1. Thaw fish, if frozen. Rinse fish; pat dry with paper towels. Cook spinach according to package directions; cool slightly. Drain spinach, pressing out excess liquid until spinach is dry.
2. Cook garlic in olive oil in a medium saucepan till tender. Remove from heat.

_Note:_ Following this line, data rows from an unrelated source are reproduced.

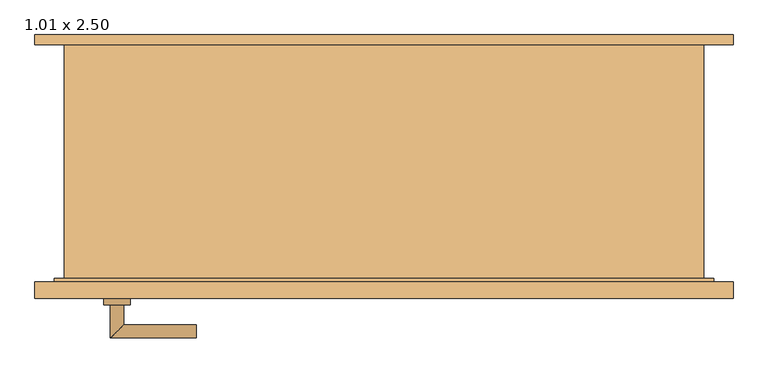
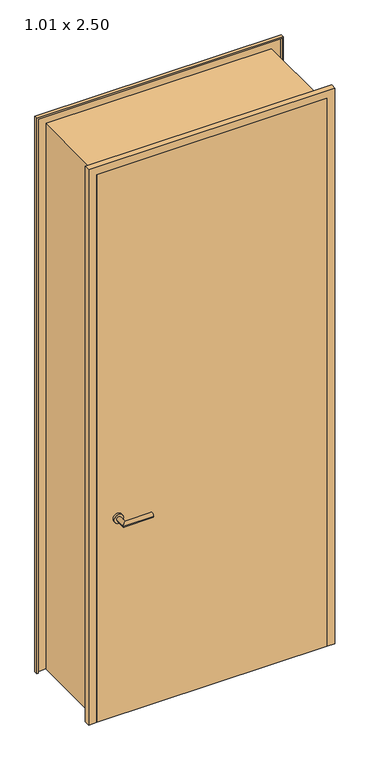
"""IFC4 building model written with IfcOpenShell, lengths in millimetres: door geometry, Drehflügel 1-flg - Stahlzarge : 1.01 x 2.50."""

from ifc_helpers import new_model, si_unit, point, frame, frame_2d, origin, place, context, project, spatial, polyline, circle_curve, ellipse_curve, trimmed, segment, composite_curve, outline, extrude, faceted_brep, source, transform, mapped, element, save
from ifc_brep_helpers import plane_surface, cylinder_surface, advanced_brep


def door_1_01_x_2_50_4be29bae(model_context):
    return source(origin(), model_context, "Body", "SolidModel", [
        advanced_brep(
        [(-415.0, -169.4346141, 1000.0), (-395.0, -169.4346141, 1000.0), (-395.0, -119.4346141, 1000.0), (-415.0, -99.4346141, 1000.0), (-285.0, -99.4346141, 1000.0), (-285.0, -119.4346141, 1000.0)],
        [
            (0, 1, circle_curve(frame((-405.0, -169.4346141, 1000.0), z_axis=(0.0, -1.0, 0.0), x_axis=(1.0, 0.0, 0.0)), 10.0)),
            (1, 0, circle_curve(frame((-405.0, -169.4346141, 1000.0), z_axis=(0.0, -1.0, 0.0), x_axis=(1.0, 0.0, 0.0)), 10.0)),
            (1, 2),
            (2, 3, ellipse_curve(frame((-405.0, -109.4346141, 1000.0), z_axis=(-0.7071067811865385, -0.7071067811865565, 0.0), x_axis=(0.7071067811865563, -0.7071067811865386, 0.0)), 14.1421356, 10.0)),
            (3, 0),
            (3, 2, ellipse_curve(frame((-405.0, -109.4346141, 1000.0), z_axis=(-0.7071067811865385, -0.7071067811865565, 0.0), x_axis=(0.7071067811865563, -0.7071067811865386, 0.0)), 14.1421356, 10.0)),
            (4, 5, circle_curve(frame((-285.0, -109.4346141, 1000.0), z_axis=(1.0, 0.0, 0.0), x_axis=(0.0, -1.0, 0.0)), 10.0)),
            (5, 4, circle_curve(frame((-285.0, -109.4346141, 1000.0), z_axis=(1.0, 0.0, 0.0), x_axis=(0.0, -1.0, 0.0)), 10.0)),
            (2, 5),
            (4, 3),
        ],
        [
            plane_surface(frame((-405.0, -169.4346141, -287.7526403), z_axis=(0.0, -1.0, 0.0), x_axis=(0.0, 0.0, 1.0))),
            cylinder_surface(frame((-405.0, -169.4346141, 1000.0), z_axis=(0.0, -1.0, 0.0), x_axis=(1.0, 0.0, 0.0)), 10.0),
            plane_surface(frame((-285.0, -109.4346141, -287.7526403), z_axis=(1.0, 0.0, 0.0), x_axis=(0.0, 0.0, 1.0))),
            cylinder_surface(frame((-405.0, -109.4346141, 1000.0), z_axis=(-1.0, 0.0, 0.0), x_axis=(0.0, -1.0, 0.0)), 10.0),
        ],
        [
            (0, [[1, 2]]),
            (1, [[3, 4, 5, -2]]),
            (1, [[-5, 6, -3, -1]]),
            (2, [[7, 8]]),
            (3, [[9, -7, 10, -4]]),
            (3, [[-10, -8, -9, -6]]),
        ],
    ),
        advanced_brep(
        [(-395.0, -229.4346141, 1000.0), (-415.0, -229.4346141, 1000.0), (-415.0, -279.4346141, 1000.0), (-395.0, -259.4346141, 1000.0), (-285.0, -259.4346141, 1000.0), (-285.0, -279.4346141, 1000.0)],
        [
            (0, 1, circle_curve(frame((-405.0, -229.4346141, 1000.0), z_axis=(0.0, 1.0, 0.0), x_axis=(-1.0, 0.0, 0.0)), 10.0)),
            (1, 0, circle_curve(frame((-405.0, -229.4346141, 1000.0), z_axis=(0.0, 1.0, 0.0), x_axis=(-1.0, 0.0, 0.0)), 10.0)),
            (1, 2),
            (2, 3, ellipse_curve(frame((-405.0, -269.4346141, 1000.0), z_axis=(-0.7071067811865475, 0.7071067811865475, 0.0), x_axis=(0.7071067811865474, 0.7071067811865476, 0.0)), 14.1421356, 10.0)),
            (3, 0),
            (3, 2, ellipse_curve(frame((-405.0, -269.4346141, 1000.0), z_axis=(-0.7071067811865475, 0.7071067811865475, 0.0), x_axis=(0.7071067811865474, 0.7071067811865476, 0.0)), 14.1421356, 10.0)),
            (4, 5, circle_curve(frame((-285.0, -269.4346141, 1000.0), z_axis=(1.0, 0.0, 0.0), x_axis=(0.0, -1.0, 0.0)), 10.0)),
            (5, 4, circle_curve(frame((-285.0, -269.4346141, 1000.0), z_axis=(1.0, 0.0, 0.0), x_axis=(0.0, -1.0, 0.0)), 10.0)),
            (2, 5),
            (4, 3),
        ],
        [
            plane_surface(frame((-405.0, -229.4346141, -287.7526403), z_axis=(0.0, 1.0, 0.0), x_axis=(0.0, 0.0, 1.0))),
            cylinder_surface(frame((-405.0, -229.4346141, 1000.0), z_axis=(0.0, 1.0, 0.0), x_axis=(-1.0, 0.0, 0.0)), 10.0),
            plane_surface(frame((-285.0, -269.4346141, -287.7526403), z_axis=(1.0, 0.0, 0.0), x_axis=(0.0, 0.0, 1.0))),
            cylinder_surface(frame((-405.0, -269.4346141, 1000.0), z_axis=(-1.0, 0.0, 0.0), x_axis=(0.0, -1.0, 0.0)), 10.0),
        ],
        [
            (0, [[1, 2]]),
            (1, [[3, 4, 5, -2]]),
            (1, [[-5, 6, -3, -1]]),
            (2, [[7, 8]]),
            (3, [[9, -7, 10, -4]]),
            (3, [[-10, -8, -9, -6]]),
        ],
    ),
        extrude(outline(composite_curve([segment(trimmed(circle_curve(frame_2d((1000.0, -405.0)), 20.0), [point((1000.0, -425.0))], [point((1000.0, -385.0))], False, "CARTESIAN"), True, "CONTINUOUS"), segment(trimmed(circle_curve(frame_2d((1000.0, -405.0)), 20.0), [point((1000.0, -385.0))], [point((1000.0, -425.0))], False, "CARTESIAN"), True, "CONTINUOUS")], self_intersect=False)), frame((0.0, -169.4346141, 0.0), z_axis=(0.0, 1.0, 0.0), x_axis=(0.0, 0.0, 1.0)), (0.0, 0.0, 1.0), 10.0),
        extrude(outline(composite_curve([segment(trimmed(circle_curve(frame_2d((1000.0, -405.0)), 20.0), [point((1000.0, -425.0))], [point((1000.0, -385.0))], False, "CARTESIAN"), True, "CONTINUOUS"), segment(trimmed(circle_curve(frame_2d((1000.0, -405.0)), 20.0), [point((1000.0, -385.0))], [point((1000.0, -425.0))], False, "CARTESIAN"), True, "CONTINUOUS")], self_intersect=False)), frame((0.0, -229.4346141, 0.0), z_axis=(0.0, 1.0, 0.0), x_axis=(0.0, 0.0, 1.0)), (0.0, 0.0, 1.0), 10.0),
        extrude(outline(polyline([(495.0, -194.4346141), (495.0, -219.4346141), (-495.0, -219.4346141), (-495.0, -194.4346141), (495.0, -194.4346141)])), frame((0.0, 0.0, 100.0), z_axis=(0.0, 0.0, 1.0), x_axis=(1.0, 0.0, 0.0)), (0.0, 0.0, 1.0), 2490.0),
        faceted_brep([(529.4603207, 180.5653859, 100.0), (529.4603207, 165.5653859, 100.0), (524.4603207, 165.5653859, 100.0), (524.4603207, 175.5653859, 100.0), (485.0, 175.5653859, 100.0), (485.0, -189.4346141, 100.0), (500.0, -189.4346141, 100.0), (500.0, -214.4346141, 100.0), (524.4603207, -214.4346141, 100.0), (524.4603207, -194.4346141, 100.0), (529.4603207, -194.4346141, 100.0), (529.4603207, -219.4346141, 100.0), (495.0, -219.4346141, 100.0), (495.0, -194.4346141, 100.0), (480.0, -194.4346141, 100.0), (480.0, 180.5653859, 100.0), (480.0, 180.5653859, 2575.0), (-480.0, 180.5653859, 2575.0), (-480.0, 180.5653859, 100.0), (-529.4603207, 180.5653859, 100.0), (-529.4603207, 180.5653859, 2624.4603207), (529.4603207, 180.5653859, 2624.4603207), (480.0, -194.4346141, 2575.0), (495.0, -194.4346141, 2590.0), (-495.0, -194.4346141, 2590.0), (-495.0, -194.4346141, 100.0), (-480.0, -194.4346141, 100.0), (-480.0, -194.4346141, 2575.0), (495.0, -219.4346141, 2590.0), (529.4603207, -219.4346141, 2624.4603207), (-529.4603207, -219.4346141, 2624.4603207), (-529.4603207, -219.4346141, 100.0), (-495.0, -219.4346141, 100.0), (-495.0, -219.4346141, 2590.0), (529.4603207, -194.4346141, 2624.4603207), (524.4603207, -194.4346141, 2619.4603207), (-524.4603207, -194.4346141, 2619.4603207), (-524.4603207, -194.4346141, 100.0), (-529.4603207, -194.4346141, 100.0), (-529.4603207, -194.4346141, 2624.4603207), (524.4603207, -214.4346141, 2619.4603207), (500.0, -214.4346141, 2595.0), (-500.0, -214.4346141, 2595.0), (-500.0, -214.4346141, 100.0), (-524.4603207, -214.4346141, 100.0), (-524.4603207, -214.4346141, 2619.4603207), (500.0, -189.4346141, 2595.0), (485.0, -189.4346141, 2580.0), (-485.0, -189.4346141, 2580.0), (-485.0, -189.4346141, 100.0), (-500.0, -189.4346141, 100.0), (-500.0, -189.4346141, 2595.0), (485.0, 175.5653859, 2580.0), (524.4603207, 175.5653859, 2619.4603207), (-524.4603207, 175.5653859, 2619.4603207), (-524.4603207, 175.5653859, 100.0), (-485.0, 175.5653859, 100.0), (-485.0, 175.5653859, 2580.0), (524.4603207, 165.5653859, 2619.4603207), (529.4603207, 165.5653859, 2624.4603207), (-529.4603207, 165.5653859, 2624.4603207), (-529.4603207, 165.5653859, 100.0), (-524.4603207, 165.5653859, 100.0), (-524.4603207, 165.5653859, 2619.4603207)], [[[0, 1, 2, 3, 4, 5, 6, 7, 8, 9, 10, 11, 12, 13, 14, 15]], [[15, 16, 17, 18, 19, 20, 21, 0]], [[14, 22, 16, 15]], [[13, 23, 24, 25, 26, 27, 22, 14]], [[12, 28, 23, 13]], [[11, 29, 30, 31, 32, 33, 28, 12]], [[10, 34, 29, 11]], [[9, 35, 36, 37, 38, 39, 34, 10]], [[8, 40, 35, 9]], [[7, 41, 42, 43, 44, 45, 40, 8]], [[6, 46, 41, 7]], [[5, 47, 48, 49, 50, 51, 46, 6]], [[4, 52, 47, 5]], [[3, 53, 54, 55, 56, 57, 52, 4]], [[2, 58, 53, 3]], [[1, 59, 60, 61, 62, 63, 58, 2]], [[0, 21, 59, 1]], [[20, 19, 61, 60]], [[19, 18, 26, 25, 32, 31, 38, 37, 44, 43, 50, 49, 56, 55, 62, 61]], [[27, 26, 18, 17]], [[33, 32, 25, 24]], [[39, 38, 31, 30]], [[45, 44, 37, 36]], [[51, 50, 43, 42]], [[57, 56, 49, 48]], [[63, 62, 55, 54]], [[22, 27, 17, 16]], [[28, 33, 24, 23]], [[34, 39, 30, 29]], [[40, 45, 36, 35]], [[46, 51, 42, 41]], [[52, 57, 48, 47]], [[58, 63, 54, 53]], [[21, 20, 60, 59]]]),
    ])


if __name__ == "__main__":
    model = new_model("IFC4")
    model_context = context("Model", 3, world=origin())
    ifc_project = project(units=[si_unit("LENGTHUNIT", "METRE", prefix="MILLI")], contexts=[model_context])
    site = spatial("IfcSite", under=ifc_project)
    building = spatial("IfcBuilding", under=site)
    placement = place(None, origin())
    door_1_01_x_2_50_shape = door_1_01_x_2_50_4be29bae(model_context)
    element("IfcDoor", 1, ObjectType="Drehflügel 1-flg - Stahlzarge : 1.01 x 2.50", at=placement, inside=building, context=model_context, shape_type="MappedRepresentation", body=[
        mapped(door_1_01_x_2_50_shape, transform((0.0, 0.0, 0.0), x_axis=(1.0, 0.0, 0.0), y_axis=(0.0, 1.0, 0.0), z_axis=(0.0, 0.0, 1.0))),
    ])
    save(model, "model.ifc")

# Revit data of these elements
# Type "Drehflügel 1-flg - Stahlzarge : 1.01 x 2.50"
#   Type Mark = "29"
#   Operation = "SingleSwingRight"
#   Keynote = "16.03"
#   Analytic Construction = "Metall"
#   Thermal Resistance (R) = 0.270117 (m²·K)/W
#   Heat Transfer Coefficient (U) = 3.7021 W/(m²·K)
#   Rough Width = 1.010 m
#   Rough Height [instance default] = 2.600 m
#   Höhe Türgriff [instance default] = 0.900 m
#   Height = 2.500 m
#   Fußbodenaufbau [instance default] = 0.100 m
#   Width = 1.010 m
#   Sichtbarkeit Sturzlinien [instance default] = yes
#   Türgriff auswählen [instance default] = element 221079
#   Türgriff [instance default] = none
#   Türflügel [instance default] = none
#   Rahmen/Pfosten [instance default] = Metall - Lackiert - Grau
#   Visual Light Transmittance = 0
#   Solar Heat Gain Coefficient = 0
#   Function = (empty or 0)
#   Wall Closure = (empty or 0)
# Element 1 (IfcDoor, "Drehflügel 1-flg - Stahlzarge : 1.01 x 2.50")
#   Materials on its faces: "Metall - Lackiert - Grau", "Metall - Chrom", "Holz - Birke"
# Materials
#   "Metall - Lackiert - Grau": class "Farbe 1", colour RGB 98 98 98, transparency 0, Cost = 0
#   "Metall - Chrom": class "Metall", colour RGB 247 247 247, transparency 0, Cost = 0
#   "Holz - Birke": class "Holz", colour RGB 213 164 103, transparency 0, Cost = 0

3. Add spinach, feta cheese, stuffing mix, 1 tablespoon of the lemon juice, and the dillweed to saucepan; mix well (if mixture seems dry, add 1 tablespoon water). Spoon about 1/3 cup spinach mixture onto each piece of fish. Roll up fish around stuffing. Spray a 2-quart square or rectangular baking dish with nonstick coating. Place fish rolls, seam side down, in baking dish. Brush fish rolls with remaining 1 tablespoon lemon juice. Sprinkle lightly with pepper.
4. Bake, uncovered, in a 350 degree F oven about 20 minutes or till fish flakes easily when tested with a fork. Garnish with fresh lemon slices and dill sprigs, if desired. Makes 4 servings.